National Network of Public Health Institutes, New Orleans, LA, USA.
Division of Overdose Prevention, National Center for Injury Prevention and Control, Centers for Disease Control and Prevention, Atlanta, GA, USA.
J Med Toxicol. 2023 Apr;19(2):180-189. doi: 10.1007/s13181-022-00924-0. Epub 2023 Jan 17.
To characterize and compare opioid-only, cocaine-only, methamphetamine-only, opioid-and-cocaine exposure, and opioid-and-methamphetamine exposure and to examine clinical presentations, leading to a better understanding of overdose effects involving these drug exposures.

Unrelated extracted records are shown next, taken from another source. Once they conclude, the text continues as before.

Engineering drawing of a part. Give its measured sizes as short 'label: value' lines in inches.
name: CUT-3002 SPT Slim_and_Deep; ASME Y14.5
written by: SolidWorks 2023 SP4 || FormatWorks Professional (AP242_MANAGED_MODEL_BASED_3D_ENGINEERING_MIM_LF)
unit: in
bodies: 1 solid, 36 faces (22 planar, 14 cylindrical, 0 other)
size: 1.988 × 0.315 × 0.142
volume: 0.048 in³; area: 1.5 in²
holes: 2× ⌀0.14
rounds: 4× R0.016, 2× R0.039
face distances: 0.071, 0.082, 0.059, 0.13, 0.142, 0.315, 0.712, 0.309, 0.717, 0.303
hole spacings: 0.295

We examined drug exposures in the Toxicology Investigators Consortium (ToxIC) Core Registry from January 2010 to December 2021, a case registry of patients presenting to participating healthcare sites that receive a medical toxicology consultation. Demographic and clinical presentations of opioid-only, cocaine-only, methamphetamine-only, and opioid-and-cocaine exposure, and opioid-and-methamphetamine exposure consultations were described; differences between single and polydrug exposure subgroups were calculated to determine statistical significance. Clinical presentations associated with exposures were evaluated through calculated adjusted relative risk.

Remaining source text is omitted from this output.